● Problem details
Report each line below that carries the word "under".

● Data for analysis
+ + + +

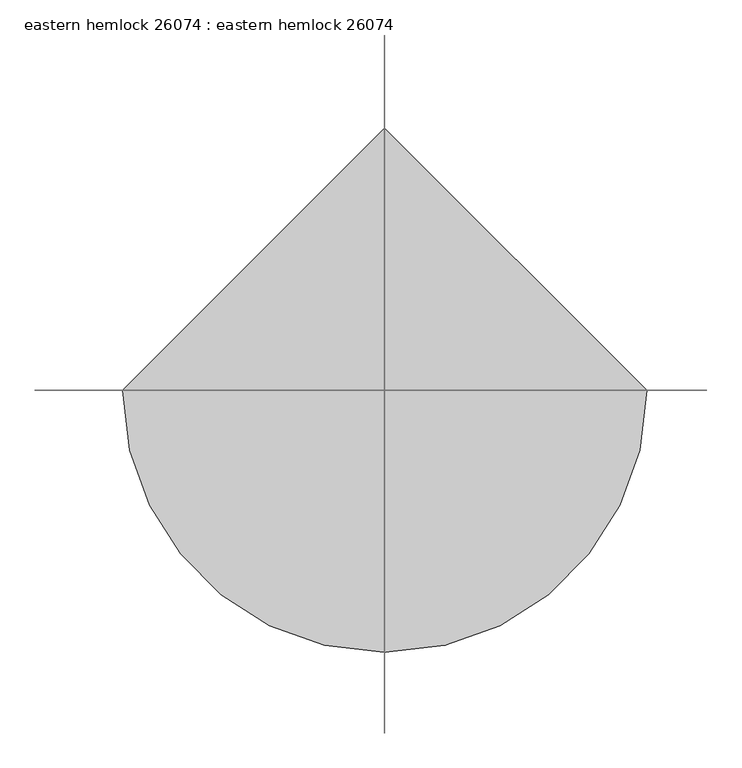
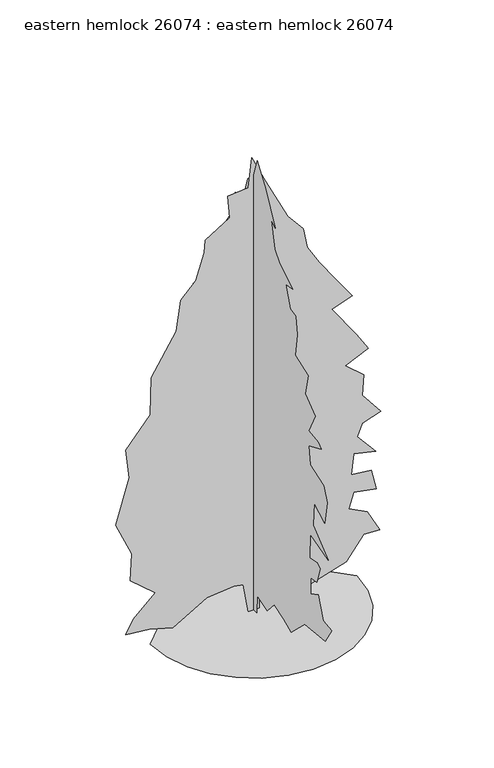
"""IFC4 building model written with IfcOpenShell, lengths in millimetres: proxy geometry, eastern hemlock 26074 : eastern hemlock 26074."""

from ifc_helpers import new_model, si_unit, origin, place, context, project, spatial, triangles, source, transform, mapped, element, save


def eastern_hemlock_26074_eastern_hemlock_26074_32de6804(model_context):
    return source(origin(), model_context, "Body", "Tessellation", [
        triangles([(-1644.9506115, 0.0, 4.68e-05), (-1601.463295, -376.9127495, 4.68e-05), (-1477.6130058, -723.0483805, 4.68e-05), (-1283.3159992, -1028.488167, 4.68e-05), (-1028.488167, -1283.3159992, 4.68e-05), (-723.0483805, -1477.6130058, 4.68e-05), (-376.9127495, -1601.463295, 4.68e-05), (7.19e-05, -1644.9506115, 4.68e-05), (376.9127495, -1601.463295, 4.68e-05), (723.0483805, -1477.6130058, 4.68e-05), (1028.488167, -1283.3159992, 4.68e-05), (1283.3159992, -1028.488167, 4.68e-05), (1477.6130058, -723.0483805, 4.68e-05), (1601.463295, -376.9127495, 4.68e-05), (1644.9506115, 0.0001438, 4.68e-05), (-0.0002157, 1644.9506115, 4.68e-05), (-87.3035192, 3.8e-06, 7.6e-06), (-167.9385319, -2.15e-05, 483.8085503), (-315.7699336, -1.66e-05, 510.6868152), (-749.7665897, 5e-06, 466.2597304), (-1289.7701111, 4.76e-05, 146.9891475), (-1659.6825611, 5.73e-05, 255.3434076), (-2035.9781971, 7.14e-05, 295.6607868), (-1915.0259869, 5.33e-05, 510.6868152), (-1565.6086521, 1.88e-05, 833.2258123), (-1968.782444, 1.56e-05, 1182.6431471), (-1941.9042881, -1.2e-05, 1626.1367889), (-2197.2477139, -3.45e-05, 2190.5800976), (-1982.2215946, -8.72e-05, 2916.2981552), (-2035.9781971, -0.0001137, 3400.0912994), (-1646.2434105, -0.0001579, 3857.0369545), (-1632.8044052, -0.0001954, 4475.2216049), (-1229.6306133, -0.0002514, 5120.3049042), (-1162.4349329, -0.000284, 5617.5600174), (-920.5306578, -0.000309, 5859.4690887), (-786.1393696, -0.0003405, 6289.516095), (-772.700219, -0.0003531, 6491.1159988), (-384.3981211, -0.0003848, 6737.4195694), (-409.8438426, -0.0004058, 7109.3003586), (-87.3032649, -0.0004215, 7136.1737183), (-33.5482861, -0.0004527, 7619.9924423), (181.4795114, -0.0004349, 7163.0720764), (544.3366871, -0.0004075, 6437.344281), (786.2409622, -0.0004004, 6141.6884903), (853.4366426, -0.0003834, 5805.6973709), (1041.584388, -0.0003724, 5483.1688019), (1296.9278137, -0.0003619, 5120.3049042), (1565.7102448, -0.0003512, 4744.0040359), (1243.1712112, -0.0003299, 4623.0747894), (1632.9059978, -0.0003141, 4072.0476677), (1821.0536705, -0.0003039, 3762.9554878), (1458.1973305, -0.0002784, 3601.6909126), (1753.8580627, -0.0002761, 3346.3451614), (1726.9797615, -0.0002549, 3010.3796219), (2022.6406391, -0.0002454, 2634.0790443), (1726.9797615, -0.0002269, 2539.9975777), (1646.3450031, -0.0002113, 2338.4106091), (1942.0058807, -0.0002034, 1988.9932743), (1592.588546, -0.000193, 2069.6280327), (1552.2712395, -0.0001712, 1733.6498486), (1874.810273, -0.0001829, 1693.332542), (1955.4450314, -0.0001664, 1357.3517418), (1592.588546, -0.0001545, 1424.5473495), (1511.9537876, -0.0001358, 1169.2039965), (1807.6145199, -0.0001399, 1021.3736303), (2009.2014885, -0.0001263, 645.078067), (1753.8580627, -0.0001159, 658.5172176), (1471.6364811, -8.19e-05, 295.6607868), (907.1930998, -4.69e-05, 120.9521376), (463.7019287, -3.71e-05, 282.2216543), (87.4051209, -3.35e-05, 497.2477009), (87.4051209, -3.8e-06, 0.0), (4.1e-06, 91.4188294, 5.35e-05), (1.91e-05, 158.6147188, 403.1737919), (3.27e-05, 427.3977493, 456.9302854), (3.49e-05, 548.3498869, 349.4172984), (5.38e-05, 1032.1584372, 255.3434076), (6.46e-05, 1327.8192421, 174.7089036), (8.3e-05, 1730.993034, 188.1480178), (0.0001034, 2026.6537663, 430.0520568), (0.0001188, 2228.2407349, 645.078067), (0.0001026, 1865.3842495, 645.078067), (9.88e-05, 1583.1626678, 940.738872), (0.0001188, 1905.7017014, 1128.8891607), (0.0001321, 2120.7276752, 1249.8412983), (0.0001246, 1784.7494911, 1505.184724), (0.0001421, 1986.3364597, 1787.4063057), (0.0001369, 1798.1886417, 1894.9193653), (0.0001617, 2040.0929169, 2365.288765), (0.0001663, 2053.5345383, 2499.6799805), (0.0001615, 1892.2625507, 2580.3073265), (0.0001691, 1757.8713352, 3037.2526909), (0.0001843, 1865.3842495, 3386.6549103), (0.0001869, 1798.1886417, 3574.8178436), (0.0001943, 1730.993034, 3924.2197723), (0.0001899, 1435.3323017, 4219.9008522), (0.0002082, 1663.7974262, 4488.6835739), (0.0001969, 1260.6236343, 4717.1309669), (0.0002059, 1300.9409409, 4959.040329), (0.0002051, 1085.914967, 5254.6961197), (0.0002166, 1072.4758163, 5657.8697662), (0.0002054, 787.5744564, 5711.8955383), (0.0002156, 790.254162, 6047.6070236), (0.0002156, 494.5933934, 6491.1159988), (0.000223, 508.0325077, 6719.5631012), (0.000215, 293.0064793, 6773.334819), (0.0002206, 158.6142101, 7163.0720764), (0.0002182, -2.6552119, 7324.3366516), (0.0002228, -96.7291975, 7619.9924423), (0.0002019, -338.6349987, 7284.0013229), (0.0001757, -593.9783881, 6786.7717896), (0.0001825, -486.4654012, 6853.9543167), (0.0001655, -580.5392738, 6423.9073105), (0.0001557, -701.4914114, 6276.0797058), (0.0001321, -1077.7869747, 6047.6070236), (0.0001397, -889.6391567, 6020.7336639), (0.0001242, -1010.5912943, 5684.7681244), (0.0001164, -1158.4217331, 5644.4333771), (0.0001062, -1198.7391123, 5362.2139755), (9.69e-05, -1151.8202465, 4980.5791306), (7.72e-05, -1507.8390678, 4851.5221825), (7.04e-05, -1427.2043095, 4502.1199631), (5.19e-05, -1695.9867405, 4287.0839607), (4.93e-05, -1521.2780731, 3937.6564522), (3.67e-05, -1776.6214989, 3897.3467033), (3.11e-05, -1857.2562572, 3830.1638855), (4.17e-05, -1521.2780731, 3682.3359901), (3.11e-05, -1561.595525, 3386.6549103), (1.07e-05, -1937.8910156, 3265.7000839), (-3e-07, -2031.9649246, 3037.2526909), (-8.9e-06, -1964.7693169, 2647.5154335), (9e-06, -1667.4727833, 2801.7696808), (-1.3e-06, -1642.2276672, 2419.0453674), (-3e-05, -2058.8432259, 2083.0671833), (-3.7e-06, -1561.595525, 2217.4583988), (-1.51e-05, -1548.1563744, 1814.2846069), (-2.29e-05, -1749.743343, 1854.6020588), (-2.82e-05, -1830.3781013, 1800.8454563), (-3.24e-05, -1736.3041924, 1518.6238747), (-2.6e-05, -1575.0346756, 1491.7455734), (-3.4e-05, -1575.0346756, 1222.9629971), (-3.98e-05, -1776.6214989, 1330.4760567), (-5.68e-05, -1924.451865, 981.0562511), (-6.78e-05, -2152.9171349, 954.1779499), (-6.84e-05, -1978.2084675, 671.9562956), (-4.48e-05, -1413.7651588, 618.1998384), (-3.88e-05, -1037.4695955, 255.3434076), (-2.7e-05, -835.8826996, 349.4172984), (-1.25e-05, -567.1001595, 430.0520568), (-1.05e-05, -378.9523779, 215.0262827), (4.5e-06, -96.7289432, 295.6607868), (-3.7e-06, -83.2898198, 4.83e-05)], [[15, 16, 1], [14, 15, 1], [14, 1, 2], [13, 14, 2], [13, 2, 3], [13, 3, 4], [12, 13, 4], [11, 12, 4], [11, 4, 5], [11, 5, 6], [11, 6, 7], [11, 7, 8], [11, 8, 9], [11, 9, 10], [40, 41, 42], [57, 58, 59], [65, 66, 67], [61, 62, 63], [60, 61, 63], [22, 23, 24], [54, 55, 56], [47, 48, 49], [50, 51, 52], [22, 24, 25], [71, 72, 17], [71, 17, 18], [38, 39, 40], [21, 22, 25], [20, 21, 25], [64, 65, 67], [40, 42, 43], [38, 40, 43], [64, 67, 68], [64, 68, 69], [64, 69, 70], [64, 70, 71], [49, 50, 52], [36, 37, 38], [36, 38, 43], [35, 36, 43], [35, 43, 44], [35, 44, 45], [35, 45, 46], [34, 35, 46], [33, 34, 46], [33, 46, 47], [33, 47, 49], [32, 33, 49], [31, 32, 49], [31, 49, 52], [30, 31, 52], [29, 30, 52], [28, 29, 52], [27, 28, 52], [27, 52, 53], [27, 53, 54], [27, 54, 56], [27, 56, 57], [27, 57, 59], [27, 59, 60], [26, 27, 60], [25, 26, 60], [20, 25, 60], [19, 20, 60], [18, 19, 60], [71, 18, 60], [64, 71, 60], [64, 60, 63], [133, 134, 135], [110, 111, 112], [114, 115, 116], [80, 81, 82], [108, 109, 110], [125, 126, 127], [124, 125, 127], [143, 144, 145], [84, 85, 86], [130, 131, 132], [96, 97, 98], [86, 87, 88], [141, 142, 143], [143, 145, 146], [141, 143, 146], [79, 80, 82], [151, 152, 73], [151, 73, 74], [120, 121, 122], [129, 130, 132], [128, 129, 132], [104, 105, 106], [122, 123, 124], [83, 84, 86], [100, 101, 102], [137, 138, 139], [136, 137, 139], [136, 139, 140], [78, 79, 82], [78, 82, 83], [77, 78, 83], [89, 90, 91], [146, 147, 148], [117, 118, 119], [149, 150, 151], [108, 110, 112], [107, 108, 112], [106, 107, 112], [106, 112, 113], [104, 106, 113], [76, 77, 83], [75, 76, 83], [88, 89, 91], [103, 104, 113], [102, 103, 113], [102, 113, 114], [102, 114, 116], [102, 116, 117], [102, 117, 119], [102, 119, 120], [100, 102, 120], [99, 100, 120], [98, 99, 120], [98, 120, 122], [98, 122, 124], [96, 98, 124], [96, 124, 127], [96, 127, 128], [96, 128, 132], [95, 96, 132], [94, 95, 132], [93, 94, 132], [92, 93, 132], [92, 132, 133], [92, 133, 135], [91, 92, 135], [88, 91, 135], [88, 135, 136], [86, 88, 136], [83, 86, 136], [75, 83, 136], [74, 75, 136], [74, 136, 140], [151, 74, 140], [149, 151, 140], [149, 140, 141], [149, 141, 146], [149, 146, 148]], closed=False),
    ])


if __name__ == "__main__":
    model = new_model("IFC4")
    model_context = context("Model", 3, world=origin())
    ifc_project = project(units=[si_unit("LENGTHUNIT", "METRE", prefix="MILLI")], contexts=[model_context])
    site = spatial("IfcSite", under=ifc_project)
    building = spatial("IfcBuilding", under=site)
    placement = place(None, origin())
    eastern_hemlock_26074_eastern_hemlock_26074_shape = eastern_hemlock_26074_eastern_hemlock_26074_32de6804(model_context)
    element("IfcBuildingElementProxy", 1, Name="eastern hemlock 26074 : eastern hemlock 26074", ObjectType="eastern hemlock 26074 : eastern hemlock 26074", at=placement, inside=building, context=model_context, shape_type="MappedRepresentation", body=[
        mapped(eastern_hemlock_26074_eastern_hemlock_26074_shape, transform((0.0, 0.0, 0.0), x_axis=(1.0, 0.0, 0.0), y_axis=(0.0, 1.0, 0.0), z_axis=(0.0, 0.0, 1.0))),
    ])
    save(model, "model.ifc")

# Revit data of these elements
# Type "eastern hemlock 26074 : eastern hemlock 26074"
#   built-in parameter 1005195 = "RPC-16-G0VH-QEXX-MT47-S000-ST1L-LVER-AU"
#   Height = 0

+ + + +

● Response area
    site = spatial("IfcSite", under=ifc_project)
    building = spatial("IfcBuilding", under=site)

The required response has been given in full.